Fu Gui, a 33-year-old man living in southeast China, sensed there was something amiss about his childhood. He had only vague memories of his early years, before he began a new life with foster parents, and he couldn't remember his original name or hometown. Eight years ago, he uploaded a photo of himself at age 10 onto the website of a charity for missing children, Baobeihuijia, which means "Baby Come Home." And he waited.
In January, about 800 miles to the west in the city of Chongqing, a man named Fu Guangfa submitted a photo of his son at age four to the same charity. The boy had disappeared on his way home from school in 1990, when he was six years old.
Baobeihuijia started working last month with Chinese tech giant Baidu, which, like Google, has its origins in online search but has branched into artificial intelligence as well. Baidu used its facial recognition technology to comb through tens of thousands of photos of missing children, and it flagged similarities the photos of Mr. Fu at age 10 and the missing four-year-old from Chongqing, despite the age gap. A DNA test confirmed the match, said Baidu, which released an account of the case. The company is checking on other possible matches, too.
Mr. Fu was set to meet with his parents this weekend, but a sudden health issue put him in the hospital, so the two sides had their first meeting by video conference, Baidu said. (Baidu is identifying Fu Gui by his birth name only, to protect his privacy; a spokeswoman said he didn't want his foster parents to know about the turn of events.) Many ad agencies and brands have worked with charity Baobeihuijia as well; in 2013, a campaign from J. Walter Thompson Beijing reunited several children with their parents.

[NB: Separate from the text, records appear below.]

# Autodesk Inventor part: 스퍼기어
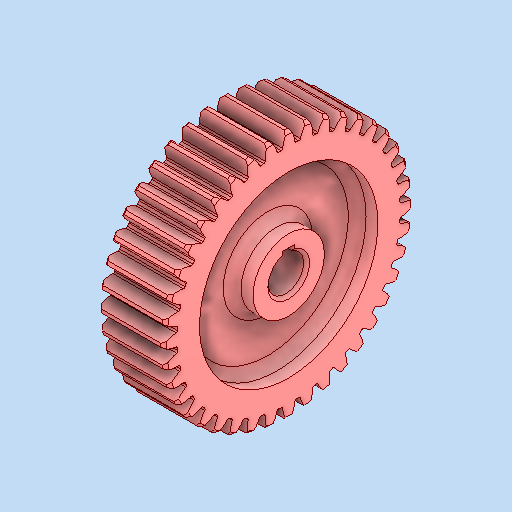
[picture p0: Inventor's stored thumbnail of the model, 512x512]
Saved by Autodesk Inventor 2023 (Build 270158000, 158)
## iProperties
Created: 2024-11
Part Number: 스퍼기어
Material: 강철, 탄소
Document SubType Name: Modeling
Designer: asung
Density: 7.85 g/cm^3
Appearance: 기본값
Author: jhkim
Sending System: Autodesk Inventor 2025
Preprocessor: ST-DEVELOPER v20
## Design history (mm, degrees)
node "스퍼기어1"
node "솔리드2"
node "솔리드1"

Baidu had a big setback recently when its chief scientist, leading A.I. figure Andrew Ng, announced his departure. The company, which has been working on A.I. for six years, says its facial recognition technology has applications at tourist areas, transport hubs and in the online financial sector. It's planning to roll out facial recognition tech at 100 Chinese tourist sites this year to replace entrance tickets.